■ WHAT IS NEEDED: Determine how many lines below contain the word "name", then state only that figure.
-- Opening Marker --
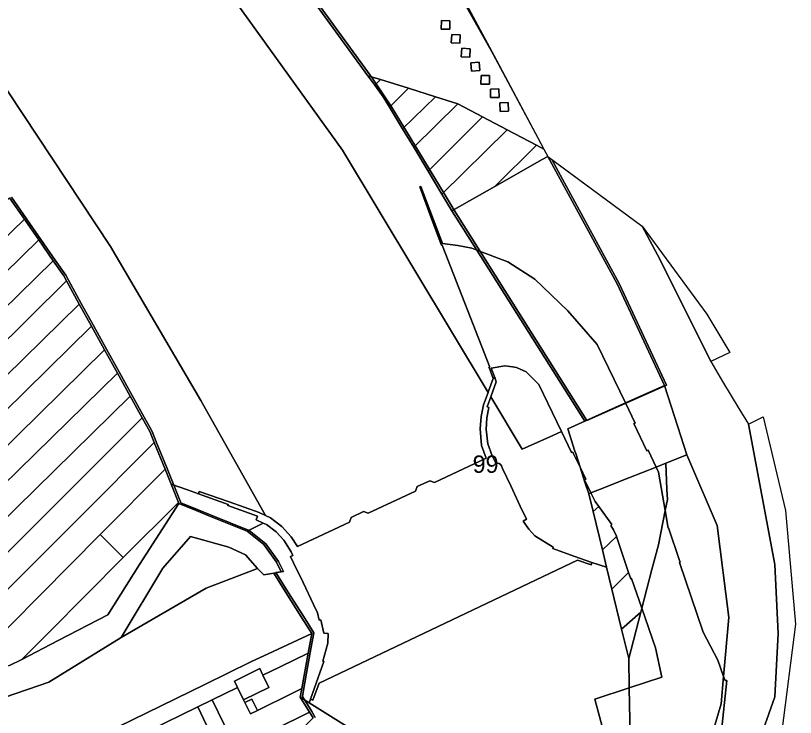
# Model space of a CAD drawing. Extents: x -535894 to -532834, y -1165802 to -1163645.
# Drawn here: x -533201.8 to -532977.3, y -1164904.7 to -1164702.6 of the extents above; entities that cross this region are included whole.
import ezdxf

# ---------------------------------------------------------------- set-up
doc = ezdxf.new("R2010")
doc.units = 0
for name, color, linetype in [('95560013', 7, 'Continuous'), ('95610013', 7, 'Continuous'), ('95630013', 7, 'Continuous'), ('95640013', 7, 'Continuous'), ('95660013', 7, 'Continuous')]:
    doc.layers.add(name, color=color, linetype=linetype)

msp = doc.modelspace()

# ---------------------------------------------------------------- linework, layer by layer
at = {"layer": '95560013'}
for points in [[(-533199.21, -1164761.24), (-533343.76, -1164901.98), (-533353.15, -1164899.58), (-533203.5, -1164755.07)], [(-533195.08, -1164767.19), (-533334.89, -1164904.23), (-533343.76, -1164901.98), (-533199.21, -1164761.24)], [(-533190.93, -1164773.16), (-533324.7, -1164904.32), (-533333.91, -1164904.48), (-533334.89, -1164904.23), (-533195.08, -1164767.19)], [(-533187.91, -1164777.51), (-533187.14, -1164778.93), (-533305.88, -1164896.66), (-533313.39, -1164904.12), (-533324.7, -1164904.32), (-533190.93, -1164773.16)], [(-533183.43, -1164785.63), (-533300.56, -1164900.63), (-533305.88, -1164896.66), (-533187.14, -1164778.93)], [(-533179.93, -1164791.97), (-533293.4, -1164903.76), (-533296.3, -1164903.82), (-533300.56, -1164900.63), (-533183.43, -1164785.63)], [(-533176.14, -1164798.83), (-533282.57, -1164903.56), (-533293.4, -1164903.76), (-533179.93, -1164791.97)], [(-533172.45, -1164805.52), (-533272.33, -1164903.38), (-533282.57, -1164903.56), (-533176.14, -1164798.83)], [(-533168.77, -1164812.17), (-533261.52, -1164903.19), (-533272.33, -1164903.38), (-533172.45, -1164805.52)], [(-533165.34, -1164818.38), (-533229.86, -1164882.85), (-533251.03, -1164902.99), (-533261.52, -1164903.19), (-533168.77, -1164812.17)], [(-533163.04, -1164822.52), (-533161.85, -1164825.47), (-533182.9, -1164846.57), (-533235.8, -1164899.62), (-533249.36, -1164902.96), (-533251.03, -1164902.99), (-533229.86, -1164882.85), (-533165.34, -1164818.38)], [(-533158.74, -1164833.17), (-533177.43, -1164852), (-533220.52, -1164895.43), (-533225.42, -1164897.07), (-533235.8, -1164899.62), (-533182.9, -1164846.57), (-533161.85, -1164825.47)], [(-533156.99, -1164837.52), (-533154.89, -1164842.74), (-533170.75, -1164858.64), (-533177.43, -1164852), (-533158.74, -1164833.17)], [(-533154.75, -1164843.06), (-533166.05, -1164860.58), (-533175.17, -1164875.08), (-533189.49, -1164882.49), (-533200, -1164887.93), (-533192.13, -1164880.06), (-533170.75, -1164858.64), (-533154.89, -1164842.74)], [(-533170.75, -1164858.64), (-533192.13, -1164880.06), (-533200, -1164887.93), (-533203.49, -1164889.74), (-533220.52, -1164895.43), (-533177.43, -1164852)], [(-533149.26, -1164901.65), (-533145.13, -1164899.63), (-533138.32, -1164913.61), (-533119.06, -1164904.11), (-533117.14, -1164903.15), (-533116.11, -1164904.82), (-533137.69, -1164926.13), (-533141.88, -1164917.25)], [(-533149.26, -1164901.65), (-533141.88, -1164917.25), (-533157.58, -1164933.38), (-533260.52, -1165035.2), (-533294.68, -1165069.27), (-533316.06, -1165016.63), (-533241.31, -1164941.86), (-533238.5, -1164941.84), (-533229.28, -1164940.77)]]:
    msp.add_lwpolyline(points, close=True, dxfattribs=at)
at = {"layer": '95610013'}
for points in [[(-533100.33, -1164719.92), (-533096.72, -1164721.02), (-533098.35, -1164722.64)], [(-533098.35, -1164722.64), (-533096.72, -1164721.02), (-533088.71, -1164723.46), (-533094.12, -1164728.97), (-533095.92, -1164725.98)], [(-533088.71, -1164723.46), (-533080.87, -1164725.97), (-533090.4, -1164735.15), (-533094.12, -1164728.97)], [(-533080.87, -1164725.97), (-533074.43, -1164728.01), (-533087.17, -1164740.5), (-533090.4, -1164735.15)], [(-533074.43, -1164728.01), (-533067.33, -1164731.75), (-533083.02, -1164747.39), (-533087.17, -1164740.5)], [(-533067.33, -1164731.75), (-533060.24, -1164735.48), (-533079.04, -1164754), (-533083.02, -1164747.39)], [(-533060.24, -1164735.48), (-533051.79, -1164739.92), (-533063.86, -1164751.81), (-533076.17, -1164758.76), (-533079.04, -1164754)], [(-533051.79, -1164739.92), (-533049.69, -1164741.02), (-533048.53, -1164743.15), (-533050.15, -1164744.07), (-533063.86, -1164751.81)], [(-533050.15, -1164744.07), (-533048.53, -1164743.15), (-533028.64, -1164779.86), (-533014.98, -1164809.1), (-533026.23, -1164814.12), (-533034.33, -1164797.33), (-533042.8, -1164787.55), (-533052.26, -1164778.52), (-533060.06, -1164773.5), (-533068.98, -1164770.15), (-533076.17, -1164758.76), (-533063.86, -1164751.81)]]:
    msp.add_lwpolyline(points, close=True, dxfattribs=at)
at = {"layer": '95630013'}
for points in [[(-533187.88, -1164629.82), (-533107.67, -1164741.3), (-533065.72, -1164811.1), (-533067.05, -1164814.68), (-533067.75, -1164818), (-533068.04, -1164821.56), (-533067.67, -1164826.38), (-533066.32, -1164830), (-533081.23, -1164836.98), (-533082.55, -1164836.49), (-533086.18, -1164838.19), (-533086.66, -1164839.51), (-533100.24, -1164845.86), (-533101.59, -1164845.38), (-533105.21, -1164847.08), (-533105.69, -1164848.41), (-533120.66, -1164855.41), (-533122.43, -1164852.64), (-533125.12, -1164849.67), (-533128.35, -1164847.2), (-533129.85, -1164846.49), (-533148.43, -1164813.4), (-533174.44, -1164769.08), (-533216.56, -1164705.51)], [(-532998.63, -1164909.37), (-532997.02, -1164894.02), (-532997.55, -1164893.98), (-532997.96, -1164892.84), (-532996.43, -1164875.92), (-532999.79, -1164849.41), (-533008.53, -1164829.07), (-533010.27, -1164823.69), (-533013.07, -1164815.01), (-533014.98, -1164809.1), (-533028.64, -1164779.86), (-533048.53, -1164743.15), (-533021.38, -1164763.26), (-533016.19, -1164772.94), (-533001.68, -1164802.19), (-532998.25, -1164807.9), (-532993.57, -1164815.7), (-532990.84, -1164820.26), (-532983.21, -1164860.62), (-532982.29, -1164880.52), (-532983.25, -1164898.77), (-532988.28, -1164913.08)], [(-533203.49, -1164889.74), (-533200, -1164887.93), (-533189.49, -1164882.49), (-533175.17, -1164875.08), (-533166.05, -1164860.58), (-533154.75, -1164843.06), (-533149.77, -1164845.09), (-533146.09, -1164846.58), (-533135.11, -1164851.03), (-533130.34, -1164854.87), (-533126.68, -1164859.92), (-533125.28, -1164862.76), (-533127.47, -1164863.11), (-533130.26, -1164863.56), (-533132.1, -1164861.81), (-533135.59, -1164857.88), (-533140.4, -1164855.68), (-533151.38, -1164852.54), (-533159.38, -1164861.69), (-533171.4, -1164881.68), (-533192.2, -1164894.47), (-533236.41, -1164909.7)], [(-533098.11, -1164912.42), (-533117.22, -1164900.45), (-533116.87, -1164899.42), (-533116.17, -1164899.7), (-533114.4, -1164894.79), (-533040.05, -1164859.4), (-533036.12, -1164860.7), (-533035.87, -1164860.02), (-533031.66, -1164861.43), (-533030.12, -1164867.76), (-533027.33, -1164879.29), (-533025.29, -1164887.7), (-533025.13, -1164896.12), (-533035.02, -1164899.39), (-533024.33, -1164939.46)]]:
    msp.add_lwpolyline(points, dxfattribs=at)
for points in [[(-532990.84, -1164820.26), (-532986.56, -1164818.1), (-532980.17, -1164845.09), (-532977.31, -1164877.84), (-532981.22, -1164908.52), (-532991.79, -1164937.99), (-533005.91, -1164963.1), (-532996.56, -1164936.58), (-532993.75, -1164928.6), (-532988.28, -1164913.08), (-532983.25, -1164898.77), (-532982.29, -1164880.52), (-532983.21, -1164860.62)], [(-533151.38, -1164852.54), (-533140.4, -1164855.68), (-533135.59, -1164857.88), (-533132.1, -1164861.81), (-533146.9, -1164867.45), (-533171.4, -1164881.68), (-533159.38, -1164861.69)]]:
    msp.add_lwpolyline(points, close=True, dxfattribs=at)
at = {"layer": '95640013'}
for points in [[(-533116.98, -1164633.6), (-533101.02, -1164653.29), (-533098.87, -1164655.96), (-533077.99, -1164688.07), (-533051.48, -1164737.74), (-533049.69, -1164741.02), (-533051.79, -1164739.92), (-533060.24, -1164735.48), (-533067.33, -1164731.75), (-533074.43, -1164728.01), (-533080.87, -1164725.97), (-533088.71, -1164723.46), (-533096.72, -1164721.02), (-533100.33, -1164719.92), (-533174.61, -1164617.7), (-533177.92, -1164613.75)], [(-533076.81, -1164704.14), (-533076.81, -1164706.54), (-533079.27, -1164706.54), (-533079.17, -1164704.05)], [(-533076.81, -1164706.54), (-533076.81, -1164704.14), (-533079.17, -1164704.05), (-533079.27, -1164706.54)], [(-533073.82, -1164708.13), (-533073.92, -1164710.55), (-533076.34, -1164710.44), (-533076.21, -1164707.99)], [(-533073.82, -1164708.13), (-533076.21, -1164707.99), (-533076.34, -1164710.44), (-533073.92, -1164710.55)], [(-533070.93, -1164712.12), (-533071, -1164714.53), (-533073.49, -1164714.45), (-533073.36, -1164712)], [(-533070.93, -1164712.12), (-533073.36, -1164712), (-533073.49, -1164714.45), (-533071, -1164714.53)], [(-533068.11, -1164718.44), (-533068.28, -1164716), (-533070.7, -1164716.17), (-533070.53, -1164718.6)], [(-533070.7, -1164716.17), (-533068.28, -1164716), (-533068.11, -1164718.44), (-533070.53, -1164718.6)], [(-533065.35, -1164719.84), (-533067.8, -1164719.85), (-533067.81, -1164722.3), (-533065.35, -1164722.31)], [(-533067.8, -1164719.85), (-533065.35, -1164719.84), (-533065.35, -1164722.31), (-533067.81, -1164722.3)], [(-533062.58, -1164726.19), (-533062.62, -1164723.71), (-533065.05, -1164723.75), (-533065.02, -1164726.21)], [(-533062.62, -1164723.71), (-533062.58, -1164726.19), (-533065.02, -1164726.21), (-533065.05, -1164723.75)], [(-533059.89, -1164730.08), (-533059.99, -1164727.63), (-533062.41, -1164727.74), (-533062.3, -1164730.18)], [(-533059.99, -1164727.63), (-533059.89, -1164730.08), (-533062.3, -1164730.18), (-533062.41, -1164727.74)], [(-533085.42, -1164751.91), (-533085.07, -1164751.78), (-533078.92, -1164768.23), (-533074.48, -1164768.83), (-533070.48, -1164769.59), (-533068.98, -1164770.15), (-533037.94, -1164819.35), (-533042.84, -1164821.55), (-533040.76, -1164827.95), (-533040.53, -1164828.67), (-533039.27, -1164832.6), (-533041.05, -1164828.94), (-533041.39, -1164828.25), (-533041.74, -1164828.4), (-533044.65, -1164822.35), (-533051.13, -1164808.84), (-533054, -1164805.9), (-533054.77, -1164805.11), (-533057.54, -1164803.87), (-533058.72, -1164803.7), (-533060.9, -1164803.39), (-533064.85, -1164804.08), (-533063.85, -1164806.75), (-533064.29, -1164807.07), (-533065.36, -1164804.18), (-533065.5, -1164803.82), (-533065.26, -1164803.77), (-533078.96, -1164768.7), (-533079.18, -1164768.67), (-533079.34, -1164768.17), (-533082.39, -1164760.04)], [(-533016.19, -1164772.94), (-533021.38, -1164763.26), (-533002.77, -1164788.53), (-532996.17, -1164799.59), (-533001.68, -1164802.19)], [(-533068.98, -1164770.15), (-533060.06, -1164773.5), (-533052.26, -1164778.52), (-533042.8, -1164787.55), (-533034.33, -1164797.33), (-533026.23, -1164814.12), (-533037.94, -1164819.35)], [(-533058.72, -1164803.7), (-533057.54, -1164803.87), (-533054.77, -1164805.11), (-533054, -1164805.9), (-533051.13, -1164808.84), (-533044.65, -1164822.35), (-533047.16, -1164823.47), (-533055.93, -1164827.39), (-533064.98, -1164812.34), (-533063.41, -1164808.03), (-533063.85, -1164806.75), (-533064.85, -1164804.08), (-533060.9, -1164803.39)], [(-533063.85, -1164806.75), (-533063.41, -1164808.03), (-533064.98, -1164812.34), (-533066.05, -1164815.28), (-533065.52, -1164815.47), (-533066.12, -1164818.42), (-533066.32, -1164821.75), (-533065.88, -1164825.93), (-533064.62, -1164829.31), (-533063.56, -1164831.41), (-533063.04, -1164831.41), (-533062.61, -1164831.54), (-533062.18, -1164831.87), (-533061.94, -1164832.22), (-533061.6, -1164832.94), (-533059.24, -1164838), (-533056.49, -1164843.86), (-533054.66, -1164847.53), (-533055.68, -1164848.17), (-533054.08, -1164850.46), (-533052.32, -1164852.42), (-533047, -1164855.6), (-533047.16, -1164856.06), (-533041.04, -1164858.27), (-533035.87, -1164860.02), (-533036.12, -1164860.7), (-533040.05, -1164859.4), (-533114.4, -1164894.79), (-533116.17, -1164899.7), (-533116.87, -1164899.42), (-533113.01, -1164888.56), (-533113.29, -1164888.46), (-533111.9, -1164883.32), (-533111.8, -1164880.45), (-533113, -1164880.39), (-533113.94, -1164876.55), (-533114.4, -1164876.67), (-533114.81, -1164874.57), (-533116.02, -1164872.19), (-533119.01, -1164865.81), (-533121.79, -1164860.11), (-533122.6, -1164858.35), (-533121.94, -1164858.07), (-533122.39, -1164856.98), (-533124.52, -1164853.64), (-533126.75, -1164851.21), (-533129.49, -1164849.15), (-533130.46, -1164848.72), (-533132.52, -1164847.81), (-533132.11, -1164846.71), (-533140.65, -1164843.63), (-533140.54, -1164843.32), (-533149.14, -1164840.29), (-533148.9, -1164839.58), (-533140.25, -1164842.55), (-533131.61, -1164845.66), (-533129.85, -1164846.49), (-533128.35, -1164847.2), (-533125.12, -1164849.67), (-533122.43, -1164852.64), (-533120.66, -1164855.41), (-533105.69, -1164848.41), (-533105.21, -1164847.08), (-533101.59, -1164845.38), (-533100.24, -1164845.86), (-533086.66, -1164839.51), (-533086.18, -1164838.19), (-533082.55, -1164836.49), (-533081.23, -1164836.98), (-533066.32, -1164830), (-533067.67, -1164826.38), (-533068.04, -1164821.56), (-533067.75, -1164818), (-533067.05, -1164814.68), (-533065.72, -1164811.1), (-533065.61, -1164810.76), (-533064.29, -1164807.07)], [(-533014.98, -1164809.1), (-533013.07, -1164815.01), (-533010.27, -1164823.69), (-533008.53, -1164829.07), (-533014.61, -1164831.49), (-533017.38, -1164832.62), (-533019.64, -1164827.73), (-533020.06, -1164827.93), (-533023.77, -1164820.07), (-533023.43, -1164819.91), (-533026.23, -1164814.12)], [(-533064.98, -1164812.34), (-533055.93, -1164827.39), (-533047.16, -1164823.47), (-533044.65, -1164822.35), (-533041.74, -1164828.4), (-533041.39, -1164828.25), (-533041.05, -1164828.94), (-533039.27, -1164832.6), (-533037.87, -1164836.9), (-533036.78, -1164840.28), (-533035.54, -1164845.41), (-533032.87, -1164856.43), (-533031.66, -1164861.43), (-533035.87, -1164860.02), (-533041.04, -1164858.27), (-533047.16, -1164856.06), (-533047, -1164855.6), (-533052.32, -1164852.42), (-533054.08, -1164850.46), (-533055.68, -1164848.17), (-533054.66, -1164847.53), (-533056.49, -1164843.86), (-533059.24, -1164838), (-533061.6, -1164832.94), (-533061.94, -1164832.22), (-533062.18, -1164831.87), (-533062.61, -1164831.54), (-533063.04, -1164831.41), (-533063.56, -1164831.41), (-533064.62, -1164829.31), (-533065.88, -1164825.93), (-533066.32, -1164821.75), (-533066.12, -1164818.42), (-533065.52, -1164815.47), (-533066.05, -1164815.28)], [(-533026.23, -1164814.12), (-533023.43, -1164819.91), (-533023.77, -1164820.07), (-533020.06, -1164827.93), (-533019.64, -1164827.73), (-533017.38, -1164832.62), (-533025.28, -1164835.72), (-533033.7, -1164839.05), (-533036.16, -1164840.03), (-533037.98, -1164836.23), (-533037.58, -1164836.04), (-533039.27, -1164832.6), (-533040.53, -1164828.67), (-533040.76, -1164827.95), (-533042.84, -1164821.55), (-533037.94, -1164819.35)], [(-533008.53, -1164829.07), (-532999.79, -1164849.41), (-532996.43, -1164875.92), (-532997.96, -1164892.84), (-532999.62, -1164888.13), (-533003.87, -1164880.13), (-533010.66, -1164860.03), (-533010.45, -1164859.97), (-533010.63, -1164859.43), (-533013.81, -1164850.1), (-533013.9, -1164850.14), (-533014.78, -1164845.11), (-533014.15, -1164841.92), (-533014.28, -1164839.02), (-533014.61, -1164831.49)], [(-533014.61, -1164831.49), (-533014.28, -1164839.02), (-533014.15, -1164841.92), (-533014.78, -1164845.11), (-533016.73, -1164834.02), (-533017.38, -1164832.62)], [(-533037.58, -1164836.04), (-533037.98, -1164836.23), (-533036.16, -1164840.03), (-533036.78, -1164840.28), (-533037.87, -1164836.9), (-533039.27, -1164832.6)], [(-533017.38, -1164832.62), (-533016.73, -1164834.02), (-533014.78, -1164845.11), (-533016.75, -1164854.92), (-533018.63, -1164862.11), (-533021.51, -1164873.18), (-533024.46, -1164864.68), (-533024.68, -1164864.75), (-533025.3, -1164862.89), (-533028.77, -1164852.59), (-533028.81, -1164852.46), (-533029.63, -1164850.67), (-533030.47, -1164849.39), (-533030.1, -1164849.13), (-533033.92, -1164843.89), (-533034.93, -1164842.51), (-533036.16, -1164840.03), (-533033.7, -1164839.05), (-533025.28, -1164835.72)], [(-533152.31, -1164839.17), (-533149.14, -1164840.29), (-533140.54, -1164843.32), (-533140.65, -1164843.63), (-533132.11, -1164846.71), (-533132.52, -1164847.81), (-533130.46, -1164848.72), (-533135.11, -1164851.03), (-533146.09, -1164846.58), (-533149.77, -1164845.09), (-533154.75, -1164843.06), (-533154.89, -1164842.74), (-533156.99, -1164837.52)], [(-533036.16, -1164840.03), (-533034.93, -1164842.51), (-533033.92, -1164843.89), (-533035.54, -1164845.41), (-533036.78, -1164840.28)], [(-533035.54, -1164845.41), (-533033.92, -1164843.89), (-533030.1, -1164849.13), (-533030.47, -1164849.39), (-533029.63, -1164850.67), (-533028.81, -1164852.46), (-533028.77, -1164852.59), (-533032.87, -1164856.43)], [(-533013.9, -1164850.14), (-533013.81, -1164850.1), (-533010.63, -1164859.43), (-533010.45, -1164859.97), (-533010.66, -1164860.03), (-533003.87, -1164880.13), (-532999.62, -1164888.13), (-532997.96, -1164892.84), (-532998.67, -1164900.76), (-533005.49, -1164923.73), (-533009.67, -1164931.84), (-533010.36, -1164932.29), (-533012.47, -1164933.65), (-533014.17, -1164935.04), (-533016.06, -1164937.15), (-533024.33, -1164939.46), (-533024.62, -1164923.92), (-533025.13, -1164896.12), (-533015.73, -1164893.02), (-533017.56, -1164884.6), (-533021.51, -1164873.18), (-533018.63, -1164862.11), (-533016.75, -1164854.92), (-533014.78, -1164845.11)], [(-533129.49, -1164849.15), (-533126.75, -1164851.21), (-533124.52, -1164853.64), (-533122.39, -1164856.98), (-533121.94, -1164858.07), (-533122.6, -1164858.35), (-533121.79, -1164860.11), (-533119.01, -1164865.81), (-533116.02, -1164872.19), (-533114.81, -1164874.57), (-533114.4, -1164876.67), (-533113.94, -1164876.55), (-533113, -1164880.39), (-533111.8, -1164880.45), (-533111.9, -1164883.32), (-533113.29, -1164888.46), (-533113.01, -1164888.56), (-533116.87, -1164899.42), (-533117.22, -1164900.45), (-533119.82, -1164898.82), (-533119.37, -1164896.37), (-533117.54, -1164886.14), (-533116.52, -1164880.45), (-533119.52, -1164875.7), (-533123.98, -1164868.64), (-533127.47, -1164863.11), (-533125.28, -1164862.76), (-533126.68, -1164859.92), (-533130.34, -1164854.87), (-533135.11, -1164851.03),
-- Closing Marker --
■ TASK SOLUTION: 2